Here’s a good
description of the paranoia that is typical among S.A. residents. Well, now I know there is no way I would live in that country by choice. Sounds a lot like the NRA's dream society. I imagine BroDeal et al would love to live in a place like this. Not for me:
On my first night in Johannesburg, I accidentally shut the rape door behind me, trapping myself in the bedroom.
Most middle-class homes in South Africa feature “rape doors” — sliding jail doors that compartmentalize a house so that no intruder can get at you if — and this is the phrase commonly used — “your perimeter is breached.”
It was funny for a minute. Then I realized that since all the windows in the bedroom were barred, I had no way to get out in case of a fire.
We phoned the couple we’d rented our pleasant bungalow from and explained the situation. The owner laughed a long time, and then said he’d be by in the morning to release me.
South Africans are afraid of many things. Fire ranks very low on the list.
This is the atmosphere in which Oscar Pistorius’s credulity stretching explanation of why he shot girlfriend Reeva Steenkamp to death as she cowered in a bathroom will be received. It’s the reason he’s going to get off.
We spent six weeks there covering the 2010 World Cup. There is no sufficient way to explain the paranoia about home security that grips average South Africans, except to say that fear animates much of their lives. The home we rented was typical.
It was surrounded by 10-foot walls. The walls were topped by electric fencing. When you look down a Jo’burg street, it gives the appearance of the frontage of a prison — all high walls, topped by electric fencing (for the well off) or razor wire (for the not-so-well off).

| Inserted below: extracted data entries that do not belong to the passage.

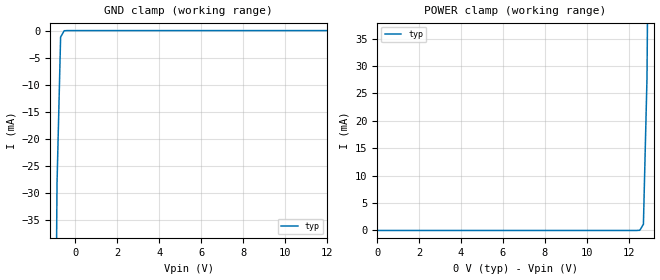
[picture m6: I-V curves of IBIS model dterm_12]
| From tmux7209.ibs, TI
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| dterm_12
[Model]   dterm_12
Model_type   Terminator
|   typ   min   max
C_comp   2.533030e-11   NA   NA
[Voltage Range]   12   0   12
[Temperature Range]   27   NA   NA
[Power Clamp Reference]   0   NA   NA
[GND Clamp Reference]   0   NA   NA
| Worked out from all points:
|   GND clamp passes 1 mA (typ) near -0.68 V on its own axis
[GND Clamp]
|   Voltage   I(typ)   I(min)   I(max)
-5V       -4.58A     NA         NA
-1.051V   -117.3mA   NA         NA
-878.8mV  -28.39mA   NA         NA
-707.1mV  -1.196mA   NA         NA
-535.4mV  -28.82uA   NA         NA
12V       1.03nA     NA         NA
[POWER Clamp]
|   Voltage   I(typ)   I(min)   I(max)
0V        -887.6pA   NA         NA
12.54V    36.36uA    NA         NA
12.71V    1.141mA    NA         NA
12.88V    28.03mA    NA         NA
13.05V    112.3mA    NA         NA
17V       5.389A     NA         NA
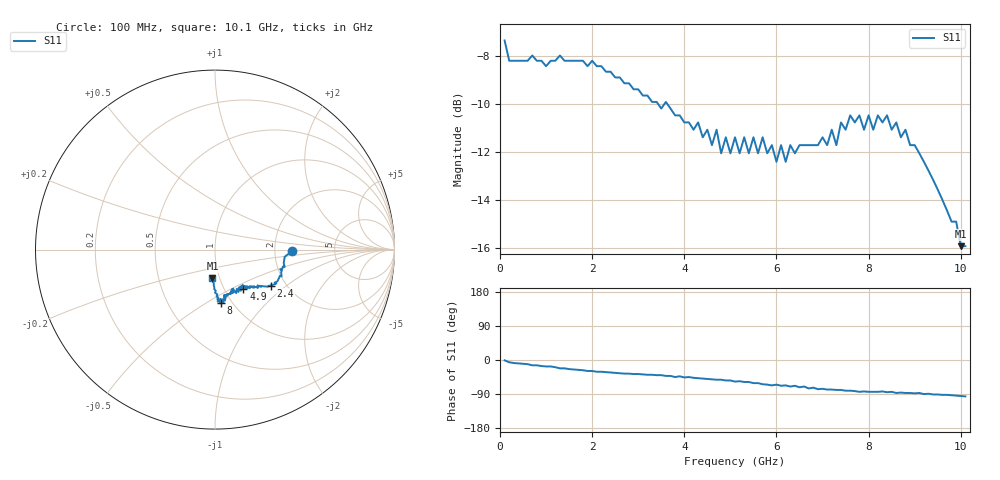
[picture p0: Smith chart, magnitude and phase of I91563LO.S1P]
!	IAM-91563 LO Port S PARAMETERS
!	Vd = 3 V LAST UPDATED 3-12-96
# ghz	s ma r	50
! Freq	LO(Mag)	LO(Ang)
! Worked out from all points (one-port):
!   101 points, 100 MHz to 10.1 GHz, reference 50 ohm
!   lowest |S11| = -15.9 dB at 10 GHz (marker M1), VSWR 1.38, Z = 46.2 - j15.1 ohm
!   |S11| at or under -10 dB: 3.437 GHz to 3.563 GHz (125.3 MHz wide, 3.58 % of centre); 3.637 GHz to end of sweep
!   S11 on the Smith chart (normalised r, x): 100 MHz: 2.51, -0.05; 2.4 GHz: 1.67, -0.78; 4.9 GHz: 1.23, -0.58; 8 GHz: 0.89, -0.58; 10.1 GHz: 0.92, -0.30
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0.1  0.43 -1.0
0.2  0.39 -6.0
1.4  0.39 -22.0
2.4  0.37 -33.0
2.6  0.36 -35.0
3.9  0.3 -43.0
4.6  0.26 -51.0
4.7  0.28 -52.0
4.8  0.25 -52.0
4.9  0.27 -54.0
5  0.25 -54.0
5.1  0.27 -57.0
5.2  0.25 -56.0
5.3  0.27 -58.0
5.4  0.25 -58.0
5.5  0.27 -61.0
6  0.24 -65.0
6.1  0.26 -68.0
6.4  0.25 -68.0
7.2  0.28 -78.0
7.3  0.26 -79.0
7.6  0.3 -81.0
7.9  0.28 -83.0
8  0.3 -84.0
8.9  0.26 -87.0
9.9  0.18 -94.0
10  0.16 -95.0
10.1  0.16 -96.0

A submarine door accessed the street, but we were warned never to use it. People enter and exit using the garage door, which was solid oak, three inches thick and would not stop once it began coming down. This is to prevent anyone driving in behind you as you enter — an infamous home-invasion tactic.
Inside were the aforementioned rape doors. There was a gun locker (empty) in the master bedroom. Each room had a white button labelled “Panic.”
“What happens if I hit the button?” I asked the landlord as lightly as possible. I presumed it triggered a silent alarm. No, it summons the private-security company that is constantly roaming the neighbourhood in SUVs with blacked-out windows. The country is wracked by violence, but South Africans do not trust the police and would not bother calling them.
“If you hit that button, someone will be here in 90 seconds with a machine gun,” he said. He wasn’t kidding.
Why didn’t Oscar use that button? For that matter, why didn’t Reeva?
Alex, thanks for your contribution. I had no idea that these artificial limbs had to be replaced so often, that they cost so much over time. Wrt the stumps, an article I read quoted OP as saying he would “put on the stumps”, that was why I was under the impression there was something one put over the stumps other than a prosthetic limb. Apparently the writer of the article got that wrong.
Though there has been much talk of how the defense is demolishing the prosecution’s case, I’m again in agreement with Tom that the points the defense made yesterday don’t address what I still regard as the two major weaknesses of their case: that OP was right by the bed when he got his gun (in fact, would have had to be, coming back from the balcony), and therefore could have checked to see if Reeva was still in bed, and that when he screamed at the alleged intruder, Reeva would have responded and told him it was her. Also, if the neighbor who claimed hearing a woman screaming before and after gunshots can be corroborated, that evidence alone would completely demolish Pistorius’s story, though I understand the defense is arguing the neighbor would have been too far away to hear.
Still, as we learned in the Contador case, what matters is the plausibility not of the defense scenario, but of the prosecution's story. If reasonable doubt can be cast on the latter, Pistorius will walk, though he certainly seems guilty. A key question that I would think the defense would raise is, if Reeva feared for her life, why did she take refuge in the bathroom, where she was effectively trapped? Why not leave the bedroom and the house? Without his artificial limbs, it would have been hard for OP to chase her very far. Was Pistorius blocking that escape route? According to the map, the door to the bedroom is right in front of the bed, certainly closer that the bathroom. Maybe OP could have caught her before she unlocked the bedroom door, so she thought her chances were better outrunning him to the bathroom?
Or was it possible that Reeva at that time did not think OP was trying to kill her, and thought if she took temporary refuge in the toilet he would calm down? It now seems there was no shot fired in the bedroom, so what was OP doing there that would compel Reeva to run away from him? Pointing the gun at her? Trying to hit her with the bat? Or was it just angry words at that point?